Was mir gerade einfällt:

Särge für Angler sollten genau so breit wie lang sein,
damit man sie mit ausgebreiteten Armen beerdigen kann.


----------



## Thomas9904 (16. Dezember 2017)

*AW: 365 Anglersprüche - 1 Spruch pro Tag*

gespeichert ;-)
111

@ JottU:
Wenn ich Deine Sprüche so lese, geht grade nich viel, oder ??
;-))


----------



## Kochtopf (16. Dezember 2017)

*AW: 365 Anglersprüche - 1 Spruch pro Tag*

Gab es schon "Es ist nur ein schmaler Grat zwischen angeln und doof in der Gegend rumgucken"


----------



## Ruttentretzer (16. Dezember 2017)

*AW: 365 Anglersprüche - 1 Spruch pro Tag*

Bei Regen stehen die Fische unter der Brücke.

Ronni


----------



## JottU (16. Dezember 2017)

*AW: 365 Anglersprüche - 1 Spruch pro Tag*

Nimm nen Wurm vom Mist, das ist das, was Fisch gern frisst.

Der Vollmond ist ein Fischdieb.
(stimmt aber nicht)


----------



## sprogoe (16. Dezember 2017)

*AW: 365 Anglersprüche - 1 Spruch pro Tag*

Der Angler; ziemlich wutgeladen, 
hört nicht auf, den Wurm zu baden,
er schimpft; gepeinigt noch durch Mücken;
nun zünftig auf des Schicksals Tücken.


----------



## Ukel (16. Dezember 2017)

*AW: 365 Anglersprüche - 1 Spruch pro Tag*

Eat, sleep, go fishing


----------



## Jose (16. Dezember 2017)

*AW: 365 Anglersprüche - 1 Spruch pro Tag*



Ruttentretzer schrieb:


> Bei Regen stehen die Fische unter der Brücke.
> 
> Ronni




lacher #6


----------



## sprogoe (16. Dezember 2017)

*AW: 365 Anglersprüche - 1 Spruch pro Tag*

Man, Man,
das Ding hier ist unglaublich, es erweckt nicht nur einen Suchtfaktor, sondern auch bisher nie gekannte schöpferische Fantasien.
Ständig kreisen die Gedanken und es kommen Sprüche in den Kopf....gerade wieder, aber ich traue mich nicht, den nieder zu schreiben; wegen ev.

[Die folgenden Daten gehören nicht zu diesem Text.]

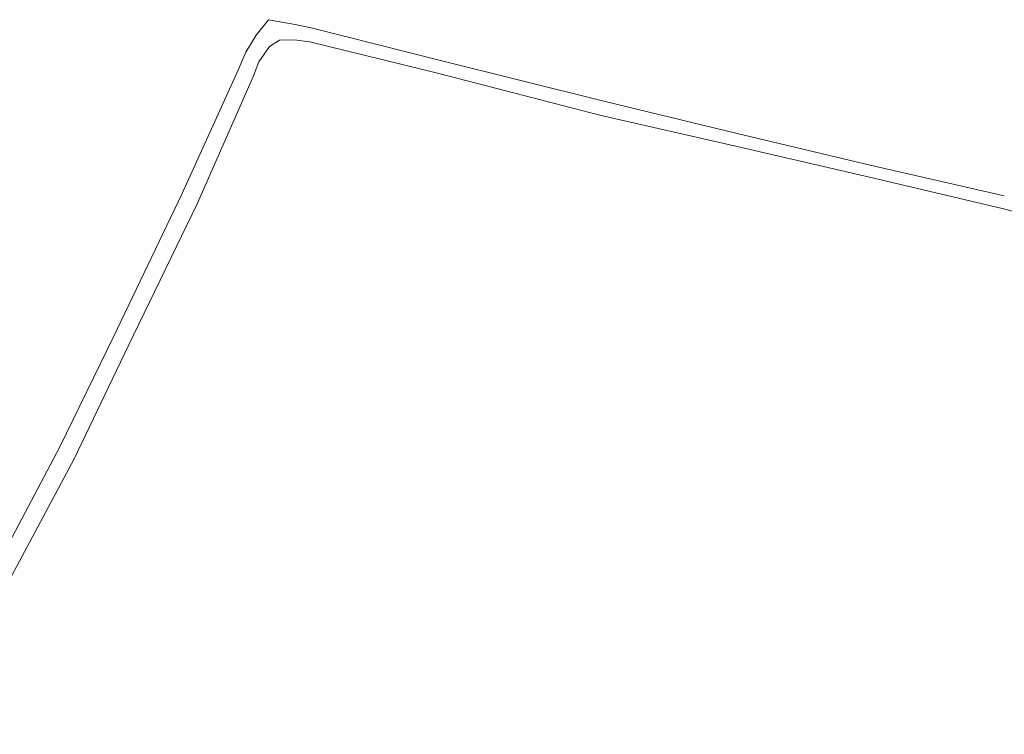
# Model space of a CAD drawing. Header units: metres. Extents: x 125158 to 132124, y 450612 to 454469.
# Tile 125 of 173: x 129764 to 129854, y 452610 to 452676. Entities that reach past the tile are written whole.
import ezdxf

# ---------------------------------------------------------------- set-up
doc = ezdxf.new("R2010")
doc.units = ezdxf.units.M
doc.layers.add('B-XX-OG-TERREIN_CULTUURSCHEIDING-GV', color=8, linetype='Continuous', lineweight=18)
doc.layers.add('B-XX-OG-WATER-GV', color=8, linetype='Continuous', lineweight=18)

msp = doc.modelspace()

# ---------------------------------------------------------------- linework, layer by layer
at = {"layer": 'B-XX-OG-TERREIN_CULTUURSCHEIDING-GV'}
msp.add_lwpolyline([(129749.603, 452604.304), (129755.35, 452614.324), (129761.594, 452625.255), (129767.667, 452636.758), (129772.578, 452646.821), (129778.857, 452659.879), (129783.975, 452671.162), (129784.706, 452672.862), (129785.632, 452674.424), (129786.759, 452675.838), (129789.207, 452675.397), (129790.786, 452675.072), (129802.39, 452672.129), (129817.464, 452668.37), (129829.665, 452665.431), (129841.819, 452662.539), (129854.092, 452659.72)], dxfattribs=at)
at = {"layer": 'B-XX-OG-WATER-GV'}
for points in [[(129854.092, 452659.72), (129841.819, 452662.539), (129829.665, 452665.431), (129817.464, 452668.37), (129802.39, 452672.129), (129790.786, 452675.072), (129789.207, 452675.397), (129786.759, 452675.838), (129785.632, 452674.424), (129784.706, 452672.862), (129783.975, 452671.162), (129778.857, 452659.879), (129772.578, 452646.821), (129767.667, 452636.758), (129761.594, 452625.255), (129755.35, 452614.324), (129749.603, 452604.304)], [(129751.192, 452603.672), (129756.927, 452613.856), (129763.057, 452624.526), (129768.992, 452635.668), (129773.928, 452645.978), (129780.275, 452659.053), (129785.39, 452670.689), (129785.888, 452671.994), (129786.851, 452673.398), (129787.771, 452673.969), (129789.125, 452674.001), (129790.553, 452673.821), (129802.246, 452670.955), (129817.22, 452667.072), (129829.654, 452664.225), (129841.632, 452661.472), (129853.886, 452658.579), (129863.867, 452655.901)]]:
    msp.add_lwpolyline(points, dxfattribs=at)

doc.saveas('drawing.dxf')

Schlüpfrichkeit.


----------



## Kauli11 (16. Dezember 2017)

*AW: 365 Anglersprüche - 1 Spruch pro Tag*

Ein schönes Tier das ist die Güster,
noch schöner ist die Frau vom Küster.

#h


----------



## sprogoe (16. Dezember 2017)

*AW: 365 Anglersprüche - 1 Spruch pro Tag*



Kauli11 schrieb:


> Ein schönes Tier das ist die Güster,
> noch schöner ist die Frau vom Küster.
> 
> #h




Und kannst Du die Frau vom Küster nicht haben,
mußt Du Dich an der Güster laben.:m


----------



## sprogoe (16. Dezember 2017)

*AW: 365 Anglersprüche - 1 Spruch pro Tag*

Jetzt muß ich ihn loswerden:

Was haben Angler und Fische gemeinsam?
Bei beiden ist der Schwanz schuppenlos.|rotwerden


----------



## Thomas9904 (16. Dezember 2017)

*AW: 365 Anglersprüche - 1 Spruch pro Tag*

also echt...........

;-)))))

bisschen seriös wär schon ok ;-)))))))


----------



## Kauli11 (16. Dezember 2017)

*AW: 365 Anglersprüche - 1 Spruch pro Tag*



sprogoe schrieb:


> Und kannst Du die Frau vom Küster nicht haben,
> mußt Du Dich an der Güster laben.:m



Ich kann die Frau vom Küster haben,
wenn er geht die Fische jagen. :m

#h


----------



## sprogoe (16. Dezember 2017)

*AW: 365 Anglersprüche - 1 Spruch pro Tag*



Thomas9904 schrieb:


> also echt...........
> 
> ;-)))))
> 
> bisschen seriös wär schon ok ;-)))))))



okay Thomas,
aber mal ehrlich; Angler und seriös, geht das?


----------



## Thomas9904 (16. Dezember 2017)

*AW: 365 Anglersprüche - 1 Spruch pro Tag*

gugg mich an ;-))))


----------



## sprogoe (16. Dezember 2017)

*AW: 365 Anglersprüche - 1 Spruch pro Tag*

mhhh...:m


----------



## sprogoe (16. Dezember 2017)

*AW: 365 Anglersprüche - 1 Spruch pro Tag*

Den Rutengriff er fest umschließt,
weil der Fisch ins Kraut reinschießt,
noch ein letzter Drillversuch,
dann hört man schon den lauten Fluch,
verloren ist der schöne Fisch
und landet nicht auf Anglers Tisch.


----------



## sprogoe (17. Dezember 2017)

*AW: 365 Anglersprüche - 1 Spruch pro Tag*



Kauli11 schrieb:


> Ich kann die Frau vom Küster haben,
> wenn er geht die Fische jagen. :m
> 
> #h




und wenn er es rauskriegt, küßter Dich...bähhh


----------



## Ines (17. Dezember 2017)

*AW: 365 Anglersprüche - 1 Spruch pro Tag*

Reimt einer zu doll,
ist das Maß bald voll.
|muahah:


----------



## Thomas9904 (17. Dezember 2017)

*AW: 365 Anglersprüche - 1 Spruch pro Tag*

das Maß voll nicht, aber wir wollen ja Sprüche und keine Gedichte...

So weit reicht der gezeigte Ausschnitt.